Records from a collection
• • • • •
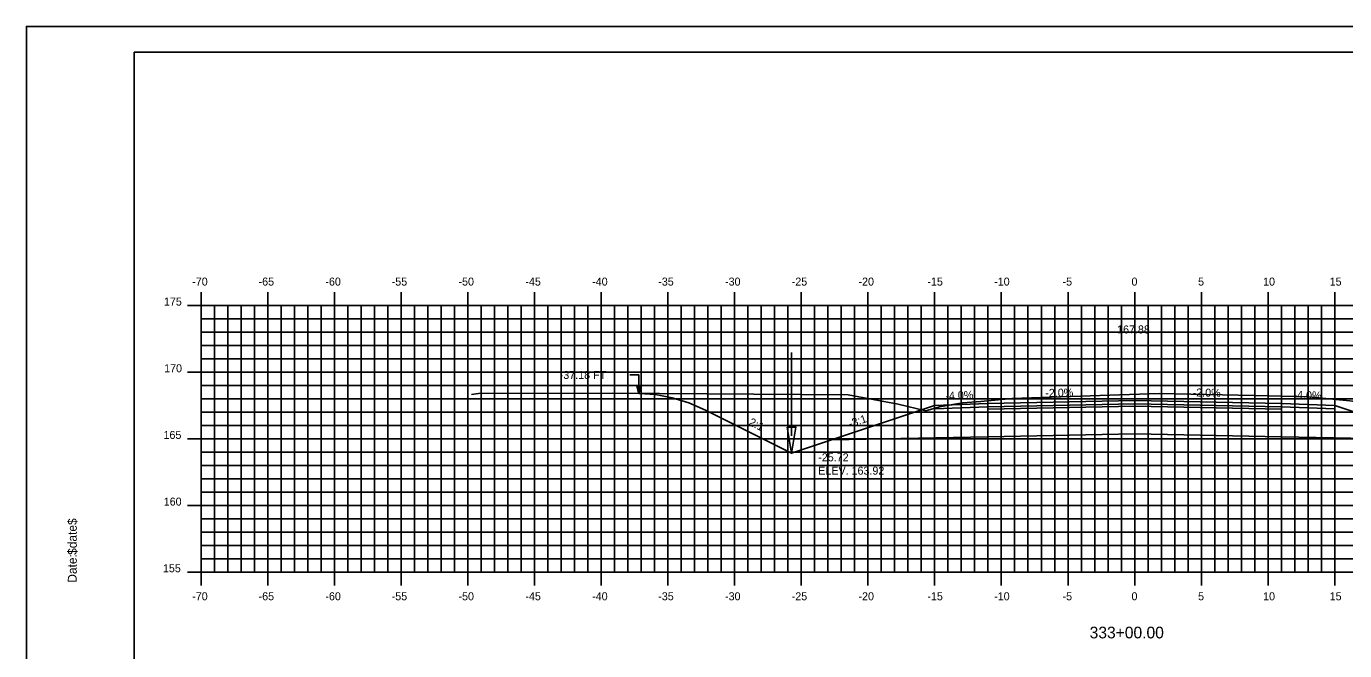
# Model space of a CAD drawing. Extents: x 1141646 to 1141816, y 608981 to 609091.
# Drawn here: x 1141645.9 to 1141744.8, y 609044.5 to 609091.3 of the extents above; entities that cross this region are included whole.
import ezdxf

# ---------------------------------------------------------------- set-up
doc = ezdxf.new("R2010")
doc.units = 0
for name, color, linetype in [('ANNOTATION', 7, 'Continuous'), ('BORDER', 7, 'Continuous'), ('D_Drainage_Ditch_Line', 7, 'Continuous'), ('D_Roadway_Centerline', 7, 'Continuous'), ('D_Roadway_Centerline_Text', 7, 'Continuous'), ('D_Roadway_Edge_Shoulder', 7, 'Continuous'), ('D_Roadway_Edge_TW', 7, 'Continuous'), ('D_Roadway_Pavement', 7, 'Continuous'), ('D_Roadway_SlopeLines', 7, 'Continuous'), ('D_Roadway_SubGrade', 7, 'Continuous'), ('D_Text_Standard', 7, 'Continuous'), ('H_V ANNOTATION', 7, 'Continuous'), ('MAJOR', 7, 'Continuous'), ('MINOR', 7, 'Continuous'), ('PLOT BOUNDARY', 7, 'Continuous'), ('S_Roadway_Centerline', 7, 'Continuous')]:
    doc.layers.add(name, color=color, linetype=linetype)

msp = doc.modelspace()

# ---------------------------------------------------------------- linework, layer by layer
msp.add_lwpolyline([(1141691.852, 609063.751), (1141693.102, 609063.666), (1141694.352, 609063.426), (1141695.602, 609063.032), (1141696.852, 609062.484), (1141703.303, 609059.258), (1141706.303, 609060.258), (1141714.026, 609062.833), (1141714.027, 609062.833), (1141718.027, 609062.993), (1141729.027, 609063.213), (1141740.027, 609062.993), (1141744.027, 609062.833), (1141751.751, 609060.259), (1141754.751, 609059.259), (1141760.656, 609062.211), (1141761.906, 609062.756), (1141763.156, 609063.141), (1141764.406, 609063.366), (1141765.656, 609063.431)])
at = {"layer": 'BORDER'}
msp.add_lwpolyline([(1141654.027, 608984.335), (1141814.027, 608984.335), (1141814.027, 609089.335), (1141654.027, 609089.335)], close=True, dxfattribs=at)
at = {"layer": 'D_Drainage_Ditch_Line'}
msp.add_line((1141703.303, 609060.571), (1141703.303, 609066.814), dxfattribs=at)
msp.add_lwpolyline([(1141702.975, 609061.227), (1141703.631, 609061.227), (1141703.303, 609059.258)], close=True, dxfattribs=at)
at = {"layer": 'D_Roadway_Edge_Shoulder'}
for points in [[(1141718.027, 609062.993), (1141714.027, 609062.833), (1141714.027, 609062.583), (1141718.027, 609062.743)], [(1141740.027, 609062.993), (1141744.027, 609062.833), (1141744.027, 609062.583), (1141740.027, 609062.743)]]:
    msp.add_lwpolyline(points, close=True, dxfattribs=at)
at = {"layer": 'D_Roadway_Edge_TW'}
msp.add_lwpolyline([(1141718.027, 609062.743), (1141718.027, 609062.993), (1141729.027, 609063.213), (1141740.027, 609062.993), (1141740.027, 609062.743), (1141729.027, 609062.963)], close=True, dxfattribs=at)
at = {"layer": 'D_Roadway_Pavement'}
msp.add_lwpolyline([(1141718.027, 609062.576), (1141718.027, 609062.743), (1141729.027, 609062.963), (1141740.027, 609062.743), (1141740.027, 609062.576), (1141729.027, 609062.796)], close=True, dxfattribs=at)
at = {"layer": 'D_Roadway_SlopeLines'}
for points in [[(1141703.303, 609059.258), (1141696.852, 609062.484), (1141695.602, 609063.032), (1141694.352, 609063.426), (1141693.102, 609063.666), (1141691.852, 609063.751)], [(1141706.303, 609060.258), (1141703.303, 609059.258)]]:
    msp.add_lwpolyline(points, dxfattribs=at)
at = {"layer": 'D_Roadway_SubGrade'}
for points in [[(1141718.027, 609062.576), (1141718.027, 609062.743), (1141714.027, 609062.583), (1141714.027, 609062.833), (1141714.026, 609062.833), (1141706.303, 609060.258), (1141718.027, 609060.493)], [(1141718.027, 609060.493), (1141718.027, 609062.576), (1141729.027, 609062.796), (1141740.027, 609062.576), (1141740.027, 609060.493), (1141729.027, 609060.713)], [(1141740.027, 609062.576), (1141740.027, 609062.743), (1141744.027, 609062.583), (1141744.027, 609062.833), (1141744.027, 609062.833), (1141751.751, 609060.259), (1141740.027, 609060.493)]]:
    msp.add_lwpolyline(points, close=True, dxfattribs=at)
at = {"layer": 'D_Text_Standard'}
msp.add_lwpolyline([(1141691.852, 609063.734), (1141691.861, 609065.135), (1141691.181, 609065.135)], dxfattribs=at)
msp.add_lwpolyline([(1141691.852, 609063.734), (1141691.71, 609064.317), (1141692.001, 609064.315)], close=True, dxfattribs=at)
at = {"layer": 'MAJOR'}
for p, q in [((1141659.027, 609071.337), (1141659.027, 609070.335)), ((1141664.027, 609071.337), (1141664.027, 609070.335)), ((1141669.027, 609071.337), (1141669.027, 609070.335)), ((1141674.027, 609071.337), (1141674.027, 609070.335)), ((1141679.027, 609071.337), (1141679.027, 609070.335)), ((1141684.027, 609071.337), (1141684.027, 609070.335)), ((1141689.027, 609071.337), (1141689.027, 609070.335)), ((1141694.027, 609071.337), (1141694.027, 609070.335)), ((1141699.027, 609071.337), (1141699.027, 609070.335)), ((1141704.027, 609071.337), (1141704.027, 609070.335)), ((1141709.027, 609071.337), (1141709.027, 609070.335)), ((1141714.027, 609071.337), (1141714.027, 609070.335)), ((1141719.027, 609071.337), (1141719.027, 609070.335)), ((1141724.027, 609071.337), (1141724.027, 609070.335)), ((1141729.027, 609071.337), (1141729.027, 609070.335)), ((1141734.027, 609071.337), (1141734.027, 609070.335)), ((1141739.027, 609071.337), (1141739.027, 609070.335)), ((1141744.027, 609071.337), (1141744.027, 609070.335)), ((1141658.025, 609070.335), (1141659.027, 609070.335)), ((1141659.027, 609070.335), (1141799.027, 609070.335)), ((1141659.027, 609050.335), (1141659.027, 609070.335)), ((1141659.027, 609050.335), (1141659.027, 609070.335)), ((1141659.027, 609070.335), (1141799.027, 609070.335)), ((1141664.027, 609050.335), (1141664.027, 609070.335)), ((1141669.027, 609050.335), (1141669.027, 609070.335)), ((1141674.027, 609050.335), (1141674.027, 609070.335)), ((1141679.027, 609050.335), (1141679.027, 609070.335)), ((1141684.027, 609050.335), (1141684.027, 609070.335)), ((1141689.027, 609050.335), (1141689.027, 609070.335)), ((1141694.027, 609050.335), (1141694.027, 609070.335)), ((1141699.027, 609050.335), (1141699.027, 609070.335)), ((1141704.027, 609050.335), (1141704.027, 609070.335)), ((1141709.027, 609050.335), (1141709.027, 609070.335)), ((1141714.027, 609050.335), (1141714.027, 609070.335)), ((1141719.027, 609050.335), (1141719.027, 609070.335)), ((1141724.027, 609050.335), (1141724.027, 609070.335)), ((1141729.027, 609050.335), (1141729.027, 609070.335)), ((1141734.027, 609050.335), (1141734.027, 609070.335)), ((1141739.027, 609050.335), (1141739.027, 609070.335)), ((1141744.027, 609050.335), (1141744.027, 609070.335)), ((1141658.025, 609065.335), (1141659.027, 609065.335)), ((1141659.027, 609065.335), (1141799.027, 609065.335)), ((1141658.025, 609060.335), (1141659.027, 609060.335)), ((1141659.027, 609060.335), (1141799.027, 609060.335)), ((1141658.025, 609055.335), (1141659.027, 609055.335)), ((1141659.027, 609055.335), (1141799.027, 609055.335)), ((1141658.025, 609050.335), (1141659.027, 609050.335)), ((1141659.027, 609050.335), (1141799.027, 609050.335)), ((1141659.027, 609050.335), (1141799.027, 609050.335)), ((1141659.027, 609049.333), (1141659.027, 609050.335)), ((1141664.027, 609049.333), (1141664.027, 609050.335)), ((1141669.027, 609049.333), (1141669.027, 609050.335)), ((1141674.027, 609049.333), (1141674.027, 609050.335)), ((1141679.027, 609049.333), (1141679.027, 609050.335)), ((1141684.027, 609049.333), (1141684.027, 609050.335)), ((1141689.027, 609049.333), (1141689.027, 609050.335)), ((1141694.027, 609049.333), (1141694.027, 609050.335)), ((1141699.027, 609049.333), (1141699.027, 609050.335)), ((1141704.027, 609049.333), (1141704.027, 609050.335)), ((1141709.027, 609049.333), (1141709.027, 609050.335)), ((1141714.027, 609049.333), (1141714.027, 609050.335)), ((1141719.027, 609049.333), (1141719.027, 609050.335)), ((1141724.027, 609049.333), (1141724.027, 609050.335)), ((1141729.027, 609049.333), (1141729.027, 609050.335)), ((1141734.027, 609049.333), (1141734.027, 609050.335)), ((1141739.027, 609049.333), (1141739.027, 609050.335)), ((1141744.027, 609049.333), (1141744.027, 609050.335))]:
    msp.add_line(p, q, dxfattribs=at)
at = {"layer": 'MINOR'}
for p, q in [((1141660.027, 609050.335), (1141660.027, 609070.335)), ((1141661.027, 609050.335), (1141661.027, 609070.335)), ((1141662.027, 609050.335), (1141662.027, 609070.335)), ((1141663.027, 609050.335), (1141663.027, 609070.335)), ((1141665.027, 609050.335), (1141665.027, 609070.335)), ((1141666.027, 609050.335), (1141666.027, 609070.335)), ((1141667.027, 609050.335), (1141667.027, 609070.335)), ((1141668.027, 609050.335), (1141668.027, 609070.335)), ((1141670.027, 609050.335), (1141670.027, 609070.335)), ((1141671.027, 609050.335), (1141671.027, 609070.335)), ((1141672.027, 609050.335), (1141672.027, 609070.335)), ((1141673.027, 609050.335), (1141673.027, 609070.335)), ((1141675.027, 609050.335), (1141675.027, 609070.335)), ((1141676.027, 609050.335), (1141676.027, 609070.335)), ((1141677.027, 609050.335), (1141677.027, 609070.335)), ((1141678.027, 609050.335), (1141678.027, 609070.335)), ((1141680.027, 609050.335), (1141680.027, 609070.335)), ((1141681.027, 609050.335), (1141681.027, 609070.335)), ((1141682.027, 609050.335), (1141682.027, 609070.335)), ((1141683.027, 609050.335), (1141683.027, 609070.335)), ((1141685.027, 609050.335), (1141685.027, 609070.335)), ((1141686.027, 609050.335), (1141686.027, 609070.335)), ((1141687.027, 609050.335), (1141687.027, 609070.335)), ((1141688.027, 609050.335), (1141688.027, 609070.335)), ((1141690.027, 609050.335), (1141690.027, 609070.335)), ((1141691.027, 609050.335), (1141691.027, 609070.335)), ((1141692.027, 609050.335), (1141692.027, 609070.335)), ((1141693.027, 609050.335), (1141693.027, 609070.335)), ((1141695.027, 609050.335), (1141695.027, 609070.335)), ((1141696.027, 609050.335), (1141696.027, 609070.335)), ((1141697.027, 609050.335), (1141697.027, 609070.335)), ((1141698.027, 609050.335), (1141698.027, 609070.335)), ((1141700.027, 609050.335), (1141700.027, 609070.335)), ((1141701.027, 609050.335), (1141701.027, 609070.335)), ((1141702.027, 609050.335), (1141702.027, 609070.335)), ((1141703.027, 609050.335), (1141703.027, 609070.335)), ((1141705.027, 609050.335), (1141705.027, 609070.335)), ((1141706.027, 609050.335), (1141706.027, 609070.335)), ((1141707.027, 609050.335), (1141707.027, 609070.335)), ((1141708.027, 609050.335), (1141708.027, 609070.335)), ((1141710.027, 609050.335), (1141710.027, 609070.335)), ((1141711.027, 609050.335), (1141711.027, 609070.335)), ((1141712.027, 609050.335), (1141712.027, 609070.335)), ((1141713.027, 609050.335), (1141713.027, 609070.335)), ((1141715.027, 609050.335), (1141715.027, 609070.335)), ((1141716.027, 609050.335), (1141716.027, 609070.335)), ((1141717.027, 609050.335), (1141717.027, 609070.335)), ((1141718.027, 609050.335), (1141718.027, 609070.335)), ((1141720.027, 609050.335), (1141720.027, 609070.335)), ((1141721.027, 609050.335), (1141721.027, 609070.335)), ((1141722.027, 609050.335), (1141722.027, 609070.335)), ((1141723.027, 609050.335), (1141723.027, 609070.335)), ((1141725.027, 609050.335), (1141725.027, 609070.335)), ((1141726.027, 609050.335), (1141726.027, 609070.335)), ((1141727.027, 609050.335), (1141727.027, 609070.335)), ((1141728.027, 609050.335), (1141728.027, 609070.335)), ((1141730.027, 609050.335), (1141730.027, 609070.335)), ((1141731.027, 609050.335), (1141731.027, 609070.335)), ((1141732.027, 609050.335), (1141732.027, 609070.335)), ((1141733.027, 609050.335), (1141733.027, 609070.335)), ((1141735.027, 609050.335), (1141735.027, 609070.335)), ((1141736.027, 609050.335), (1141736.027, 609070.335)), ((1141737.027, 609050.335), (1141737.027, 609070.335)), ((1141738.027, 609050.335), (1141738.027, 609070.335)), ((1141740.027, 609050.335), (1141740.027, 609070.335)), ((1141741.027, 609050.335), (1141741.027, 609070.335)), ((1141742.027, 609050.335), (1141742.027, 609070.335)), ((1141743.027, 609050.335), (1141743.027, 609070.335)), ((1141659.027, 609069.335), (1141799.027, 609069.335)), ((1141659.027, 609069.335), (1141660.029, 609069.335)), ((1141659.027, 609068.335), (1141799.027, 609068.335)), ((1141659.027, 609068.335), (1141660.029, 609068.335)), ((1141659.027, 609067.335), (1141799.027, 609067.335)), ((1141659.027, 609067.335), (1141660.029, 609067.335)), ((1141659.027, 609066.335), (1141799.027, 609066.335)), ((1141659.027, 609066.335), (1141660.029, 609066.335)), ((1141659.027, 609064.335), (1141799.027, 609064.335)), ((1141659.027, 609064.335), (1141660.029, 609064.335)), ((1141659.027, 609063.335), (1141799.027, 609063.335)), ((1141659.027, 609063.335), (1141660.029, 609063.335)), ((1141659.027, 609062.335), (1141799.027, 609062.335)), ((1141659.027, 609062.335), (1141660.029, 609062.335)), ((1141659.027, 609061.335), (1141799.027, 609061.335)), ((1141659.027, 609061.335), (1141660.029, 609061.335)), ((1141659.027, 609059.335), (1141799.027, 609059.335)), ((1141659.027, 609059.335), (1141660.029, 609059.335)), ((1141659.027, 609058.335), (1141799.027, 609058.335)), ((1141659.027, 609058.335), (1141660.029, 609058.335)), ((1141659.027, 609057.335), (1141799.027, 609057.335)), ((1141659.027, 609057.335), (1141660.029, 609057.335)), ((1141659.027, 609056.335), (1141799.027, 609056.335)), ((1141659.027, 609056.335), (1141660.029, 609056.335)), ((1141659.027, 609054.335), (1141799.027, 609054.335)), ((1141659.027, 609054.335), (1141660.029, 609054.335)), ((1141659.027, 609053.335), (1141799.027, 609053.335)), ((1141659.027, 609053.335), (1141660.029, 609053.335)), ((1141659.027, 609052.335), (1141799.027, 609052.335)), ((1141659.027, 609052.335), (1141660.029, 609052.335)), ((1141659.027, 609051.335), (1141799.027, 609051.335)), ((1141659.027, 609051.335), (1141660.029, 609051.335))]:
    msp.add_line(p, q, dxfattribs=at)
at = {"layer": 'PLOT BOUNDARY'}
msp.add_lwpolyline([(1141645.934, 608981.276), (1141815.934, 608981.276), (1141815.934, 609091.276), (1141645.934, 609091.276)], close=True, dxfattribs=at)
at = {"layer": 'S_Roadway_Centerline'}
msp.add_lwpolyline([(1141679.309, 609063.668), (1141679.84, 609063.738), (1141689.868, 609063.765), (1141707.536, 609063.641), (1141711.299, 609062.934), (1141713.362, 609062.432), (1141714.396, 609062.736), (1141716.105, 609063.041), (1141717.5, 609063.148), (1141719.834, 609063.367), (1141726.422, 609063.588), (1141730.866, 609063.735), (1141737.995, 609063.581), (1141742.087, 609063.498), (1141745.149, 609063.184), (1141746.494, 609063.024), (1141748.733, 609062.518), (1141749.711, 609062.339), (1141752.482, 609063.365), (1141755.004, 609063.56), (1141771.244, 609063.364), (1141775.351, 609063.29)], dxfattribs=at)

# ---------------------------------------------------------------- texts
at = {"layer": 'ANNOTATION'}
for s, rotation, p in [('-2.0%', 1.14576, (1141722.33, 609063.479)), ('-2.0%', 358.85424, (1141733.37, 609063.526)), ('-4.0%', 2.29061, (1141714.843, 609063.266)), ('-4.0%', 357.70939, (1141740.923, 609063.358)), ('-3:1', 18.43482, (1141707.682, 609061.172)), ('2:1', 333.43495, (1141700.044, 609061.406))]:
    msp.add_text(s, height=0.6, rotation=rotation, dxfattribs=at).set_placement(p)
at = {"layer": 'BORDER'}
for s, p in [('$date$', (1141649.712, 609051.64)), ('Date:', (1141649.712, 609049.552))]:
    msp.add_text(s, height=0.6696, rotation=90, dxfattribs=at).set_placement(p)
at = {"layer": 'D_Roadway_Centerline'}
for s, p in [('C', (1141729.022, 609063.213)), ('L', (1141729.027, 609063.206))]:
    msp.add_text(s, height=0.0146, dxfattribs=at).set_placement(p)
at = {"layer": 'D_Roadway_Centerline_Text'}
msp.add_text('167.88', height=0.6, dxfattribs=at).set_placement((1141727.708, 609068.245))
at = {"layer": 'D_Text_Standard'}
for s, p in [('-37.18 FT', (1141685.92, 609064.835)), ('-25.72', (1141705.303, 609058.658)), ('ELEV. 163.92', (1141705.303, 609057.656))]:
    msp.add_text(s, height=0.6, dxfattribs=at).set_placement(p)
at = {"layer": 'H_V ANNOTATION'}
for s, height, p in [('-70', 0.6, (1141658.369, 609071.835)), ('-65', 0.6, (1141663.345, 609071.835)), ('-60', 0.6, (1141668.353, 609071.835)), ('-55', 0.6, (1141673.323, 609071.835)), ('-50', 0.6, (1141678.331, 609071.835)), ('-45', 0.6, (1141683.345, 609071.835)), ('-40', 0.6, (1141688.353, 609071.835)), ('-35', 0.6, (1141693.307, 609071.835)), ('-30', 0.6, (1141698.315, 609071.835)), ('-25', 0.6, (1141703.313, 609071.835)), ('-20', 0.6, (1141708.321, 609071.835)), ('-15', 0.6, (1141713.484, 609071.835)), ('-10', 0.6, (1141718.492, 609071.835)), ('-5', 0.6, (1141723.618, 609071.835)), ('0', 0.6, (1141728.786, 609071.835)), ('5', 0.6, (1141733.778, 609071.835)), ('10', 0.6, (1141738.653, 609071.835)), ('15', 0.6, (1141743.645, 609071.835)), ('175', 0.6, (1141656.248, 609070.335)), ('170', 0.6, (1141656.264, 609065.335)), ('165', 0.6, (1141656.216, 609060.335)), ('160', 0.6, (1141656.232, 609055.335)), ('155', 0.6, (1141656.173, 609050.335)), ('-70', 0.6, (1141658.369, 609048.235)), ('-65', 0.6, (1141663.345, 609048.235)), ('-60', 0.6, (1141668.353, 609048.235)), ('-55', 0.6, (1141673.323, 609048.235)), ('-50', 0.6, (1141678.331, 609048.235)), ('-45', 0.6, (1141683.345, 609048.235)), ('-40', 0.6, (1141688.353, 609048.235)), ('-35', 0.6, (1141693.307, 609048.235)), ('-30', 0.6, (1141698.315, 609048.235)), ('-25', 0.6, (1141703.313, 609048.235)), ('-20', 0.6, (1141708.321, 609048.235)), ('-15', 0.6, (1141713.484, 609048.235)), ('-10', 0.6, (1141718.492, 609048.235)), ('-5', 0.6, (1141723.618, 609048.235)), ('0', 0.6, (1141728.786, 609048.235)), ('5', 0.6, (1141733.778, 609048.235)), ('10', 0.6, (1141738.653, 609048.235)), ('15', 0.6, (1141743.645, 609048.235)), ('333+00.00', 0.875, (1141725.649, 609045.378))]:
    msp.add_text(s, height=height, dxfattribs=at).set_placement(p)
at = {"layer": 'MAJOR'}
msp.add_text('-', height=0.006, dxfattribs=at).set_placement((1141659.023, 609050.335))
at = {"layer": 'S_Roadway_Centerline'}
for s, p in [('C', (1141730.861, 609063.735)), ('L', (1141730.866, 609063.728))]:
    msp.add_text(s, height=0.0146, dxfattribs=at).set_placement(p)

doc.saveas('drawing.dxf')
• • • • •
■ EXERCISE DETAILS
Tell how many lines above include the word "drawing". Give the number alone.

■ RESPONSE TO THIS TASK
2